Attempts to contain the costs of prescribed drugs have taken many forms, one of which is the stimulation of market competition for drugs on which protection has expired. Actual savings realized by this policy have been far less than initially expected for a number of reasons, including the relatively low rate of substitution.

In an attempt to explain low rates of substitution for a sample of drugs frequently used among California pharmacies, alternative models of economic behavior and profit maximization were tested. The drug substitition issue is complex, involving not only physician preferences for different brands or generic products, but pharmacist cooperation in an area that threatens professional prerogatives and economic performance. A frequently cited reason for the reluctance of both physicians and pharmacists to prescribe and dispense generic drugs is the concern over lack of appropriate safeguards on the quality and efficacy of different products. This concern must be addressed in order for drug substitution to expand to the point of offering substantial cost savings in the health system.

This complexity led us to examine a number of economic models in an attempt to explain observed substitution patterns. If pharmacies sought to maximize the profit margin, they would have substituted more than observations indicated. Observed patterns of dispensing do appear consistent with the hypothesis that pharmacies attempt to maximize absolute profit per prescription, which may be consistent with overall profit maximization under the assumption that the demand for the product is determined exogeneously by the physician rather than by the pharmacy itself. Consistent with this notion is the recognition that inventory costs may play an important role in pharmacist decisionmaking because multiple-source drugs are generally available in a large number of forms, making a full inventory of all available versions of the same drug impractical.

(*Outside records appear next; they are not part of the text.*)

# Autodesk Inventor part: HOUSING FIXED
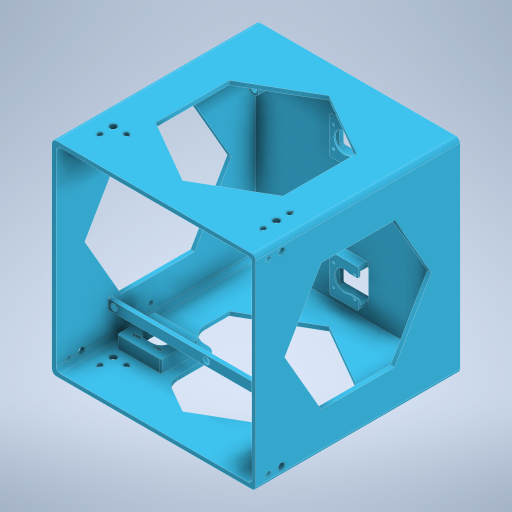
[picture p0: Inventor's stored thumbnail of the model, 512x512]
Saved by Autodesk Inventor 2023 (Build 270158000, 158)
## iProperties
Created: 2025-07
Part Number: HOUSING FIXED
Material: Generic
Document SubType Name: Modeling
Designer: erjon
Density: 1 g/cm^3
Appearance: Default
Author: erjon
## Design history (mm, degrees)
feature "Base1"
body "Solid1"

Our analysis of the pricing formula gives useful insights into the pricing decision of pharmacists, with regard to the use of a professional fee, as opposed to an ordinary percentage markup, and the relationship between profit margin and acquisition cost. The professional fee tends to be higher in independent pharmacies than in chain pharmacies, but the markup is the same across pharmacy type. Both the professional fee and the markup are higher when a substitution is made in favor of a less expensive product, so that the absolute profit produced by dispensing a brand-name or generic drug is the same. The highest fee appears to be charged by independent pharmacies when they substitute, and the lowest by chain pharmacies dispensing as ordered.

Whether or not savings as a result of substitution are passed on to consumers is a more difficult question than might be presumed because there are many definitions of “savings.” Our finding indicates that pharmacists do price drugs differently when substitution is made. Furthermore, we observe that the professional dispensing fee associated with substitution in favor of less expensive products in general, and generic products in particular, exceeds that for brand-name drugs. What does appear to be the case, however, is that substitute drugs are priced so as to yield approximately the same absolute profit, and so the cost differentials associated with the substitute drugs are largely passed on to consumers.